6
votes

NOTE: This is not a duplicate, I have specific requirements other than related questions.

To start with, I want to plot the spectrum of an audio file (.wav) just like what audacity does (similar: How to draw a frequency spectrum from a Fourier transform).

So far I am able to read and write wav files. But my problem is I don't know exactly what values I need to pass to the FFT function. By the way I am using Exocortex for FFT in C#. The FFT function requires me to pass an array of complex numbers with the right size (512, 1024, ... I presume), an optional integer parameter for length, and the fourier direction (forward/backward).

Specific Questions:

  1. The Complex (class) from the Exocortex library has two values namely Real and Imaginary. I have the array of samples, so which should be real and which should be Imaginary?
  2. I have the wav file, so the length should be assumed variable. How do I pass that to the FFT function? Should I select a size (512/1024/etc), divide the the entire samples to the size, then pass all of it to the FFT?
  3. How do i know what frequencies should be listed down on the x-axis?
  4. How do I plot the FFT'ed data? (I want the x-axis to be frequency, and y-axis in decibels)

If you don't get what I mean, then try to use Audacity, import an audio file, then click Analyze > Plot Spectrum. Those are the things want to recreate. Please answer my question in details because I really want to learn this. I only have a little background on this. I am just a newbie in digital signal processing. Also as much as possible please don't direct me to other FFT sites because they don't answer my question specifically.


EDIT:

I've done some reading and found out how to FFT an audio data but only in powers of 2. So how do I do the same in an audio file with a length that's not of powers of 2? According to some I need to use "window". I've also done some searching about it and found out that it only takes an portion of the waveform to be processed later. Remember above that I want to get the FFT of the audio file not a portion of it. So what should I do now? Please help :(

1
Regarding your note - 1. You are asking too much for a single question. This is more Math stuff and you'll get much better (and more) answers in forums dedicated to it. 2. If your files contains a number of samples which is not a power of two, you need to pad it with zeros to make it's size a power of two. This is a limitation of FFT. 3. Basically using a window is done to perform the FFT on a portion of your data (if that is what you need). But it goes much deeper, there are different windows with different effects.Vadim
What you are trying to generate is called a spectrogram. You would be better to ask how to plot a spectrogram than to ask about the spectrum.Ross Bencina

1 Answers

7
votes

The signature is

public static void  FFT( float[] data, int length, FourierDirection direction )
  1. You pass an array of complex numbers, represented as pairs. Since you only have real numbers (the samples), you should put your samples in the even locations in the array - data[0], data[2], data[4] and so on. Odd locations should be 0, data[1] = data[3] = 0...
  2. The length is the amount of samples you want to calculate your FFT on, it should be exactly half of the length of the data array. You can FFT your entire WAV or parts of it - depends on what you wish to see. Audacity will plot the power spectrum of the selected part of the file, if you wish to do the same, pass the entire WAV or the selected parts.
  3. FFT will only show you frequencies up to half of your sampling rate. So you should have values between 0 and half your sampling rate. The amount of values depends on the amount of samples you have (the amount of samples will affect the precision of the calculation)
  4. Audacity plots the power spectrum. You should take each complex number pair in the array you receive and calculate its ABS. ABS is defined as sqrt(r^2+i^2). Each ABS value will correspond to a single frequency.

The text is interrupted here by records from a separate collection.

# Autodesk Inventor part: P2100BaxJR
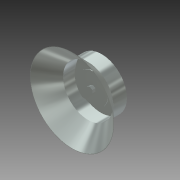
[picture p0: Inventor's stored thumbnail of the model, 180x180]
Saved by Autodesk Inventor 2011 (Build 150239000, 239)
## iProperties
Created: 2014-07
Part Number: P2100BaxJR
Document SubType Name: Modeling
Designer: Evgeny
Density: 1 g/cm^3
Author: Evgeny
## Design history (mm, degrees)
sketch "Эскиз1"
  geometry: L1 (31, 26.833)-(31, -26.833); L2 (-31, -26.833)-(-31, 26.833); C1 r 1.35 at (15, -26); A1 r 41 centre (0, 0) between (31, 26.833) and (-31, 26.833); A2 r 41 centre (0, 0) between (-31, -26.833) and (31, -26.833); 1 further point
  constraints: 4 end point, 4 point on circle, 3 centre point, 1 coincident, 1 parallel
  dimensions: "d1" = 62 distance between parallel lines of L1 L2; "d2" = 31 distance from line of L2 point (0, 0); "d3" = 41 radius of A1; "d4" = 41 radius of A2; "d7" = 2.7 diameter of C1; "d9" = 26 vertical distance of point (0, 0) C1.centre; "d50" = 15 horizontal distance of C1.centre point (0, 0)
extrude "Выдавливание1" new body sketch "Эскиз1" distance "d10" = 1; taper "d11" = 0 deg
sketch "Эскиз2"
  geometry: C1 r 4 at (0, 0); A1 r 41 centre (0, 0) between (31, 26.833) and (-31, 26.833) reference
  constraints: 1 centre point, 1 coincident
  dimensions: "d12" = 8 diameter of C1
extrude "Выдавливание2" join sketch "Эскиз2" distance "d13" = 6; taper "d14" = 0 deg
sketch "Эскиз3"
  geometry: C1 r 4 at (0, 0) reference; C2 r 28 at (0, 0)
  constraints: 1 centre point, 1 coincident
  dimensions: "d15" = 56 diameter of C2
extrude "Выдавливание3" join sketch "Эскиз3" distance "d16" = 1; taper "d17" = 0 deg
sketch "Эскиз4"
  geometry: L1 (5.774, 0)-(2.887, -5); L2 (2.887, -5)-(-2.887, -5); L3 (-2.887, -5)-(-5.774, 0); L4 (-5.774, 0)-(-2.887, 5); L5 (-2.887, 5)-(2.887, 5); L6 (2.887, 5)-(5.774, 0); C1 r 28 at (0, 0) reference; 1 further point
  constraints: 12 end point, 1 coincident, 13 other
  dimensions: "d18" = 10 distance between parallel lines of L2 L5
extrude "Выдавливание4" join sketch "Эскиз4" distance "d19" = 6; taper "d20" = 0 deg
sketch "Эскиз5"
  geometry: C1 r 4 at (0, 0); A1 r 41 centre (0, 0) between (31, 26.833) and (-31, 26.833) reference
  constraints: 1 centre point, 1 coincident
  dimensions: "d21" = 8 diameter of C1
extrude "Выдавливание5" join sketch "Эскиз5" distance "d22" = 7; taper "d23" = 0 deg
sketch "Эскиз6"
  geometry: C1 r 4 at (0, 0) reference; C2 r 47.5 at (0, 0); C3 r 4 at (-15, -26)
  constraints: 2 centre point, 1 coincident
  dimensions: "d24" = 95 diameter of C2; "d33" = 8 diameter of C3; "d52" = 26 vertical distance of C1.centre C3.centre; "d53" = 15 horizontal distance of C1.centre C3.centre
extrude "Выдавливание11" join sketch "Эскиз6" distance "d38" = 1.5; taper "d39" = 0 deg
sketch "Эскиз9"
  geometry: L1 (5.774, 0)-(2.887, -5); L2 (2.887, -5)-(-2.887, -5); L3 (-2.887, -5)-(-5.774, 0); L4 (-5.774, 0)-(-2.887, 5); L5 (-2.887, 5)-(2.887, 5); L6 (2.887, 5)-(5.774, 0); C1 r 47.5 at (0, 0) reference; 1 further point
  constraints: 12 end point, 1 coincident, 13 other
  dimensions: "d40" = 10 distance between parallel lines of L2 L5
extrude "Выдавливание12" join sketch "Эскиз9" distance "d41" = 6; taper "d42" = 0 deg
sketch "Эскиз10"
  geometry: C1 r 3 at (0, 0); 1 further point
  constraints: 1 centre point, 1 coincident
  dimensions: "d43" = 6 diameter of C1
extrude "Выдавливание13" join sketch "Эскиз10" distance "d44" = 6; taper "d45" = 0 deg
extrude "Выдавливание14" join sketch "Эскиз1" distance "d46" = 2; taper "d48" = 0 deg; dims "d47" = 8.5, "d49" = 0
sketch "Эскиз11"
  geometry: C1 r 47.5 at (0, 0) reference; C2 r 4 at (0, 0) reference; C3 r 47 at (0, 0)
  constraints: 1 centre point, 1 coincident
  dimensions: "d54" = 94 diameter of C3
extrude "Выдавливание15" join sketch "Эскиз11" distance "d55" = 24; taper "d56" = 0 deg
sketch "Эскиз12"
  geometry: L1 (-46.781, 17)-(-77.781, 47); L2 (-77.781, 47)-(-78.5, 47); L3 (-78.5, 47)-(-47.5, 17); L4 (-47.5, 17)-(-46.781, 17); L5 (0, -34)-(0, 60.5) reference; 1 further point
  constraints: 8 end point, 2 parallel, 1 horizontal
  dimensions: "d59" = 30 distance between parallel lines of L2 L4; "d60" = 17 distance from line of L4 point (0, 0); "d61" = 47.5 horizontal distance of point (0, 0) L3.end; "d62" = 31 horizontal distance of L1.end L1.start; "d63" = 0.5 distance between parallel lines of L1 L3
revolve "Вращение1" sketch "Эскиз12" stored, may be unused: angle "d64" = 90 deg
node "Твердое тело1"
other parameters: "d0" = 82

Here's an example of a working code:

float[] data = new float[8];
data[0] = 1; data[2] = 1; data[4] = 1; data[6] = 1;
Fourier.FFT(data, data.Length/2, FourierDirection.Forward);

I'm giving it 4 samples, all the same. So I expect to get something only at frequency 0. And indeed, after running it, I get

data[0] == 1, data[2] == 1, data[4] == 1, data[6] == 1

And others are 0.

If I want to use the Complex array overload

Complex[] data2 = new Complex[4];
data2[0] = new Complex(1,0);
data2[1] = new Complex(1, 0);
data2[2] = new Complex(1, 0);
data2[3] = new Complex(1, 0);
Fourier.FFT(data2,data2.Length,FourierDirection.Forward);

Please note that here the second parameter equals the length of the array, since each array member is a complex number. I get the same result as before.

I think I missed the complex overload before. I seems less error prone and more natural to use, unless your data already comes in pairs.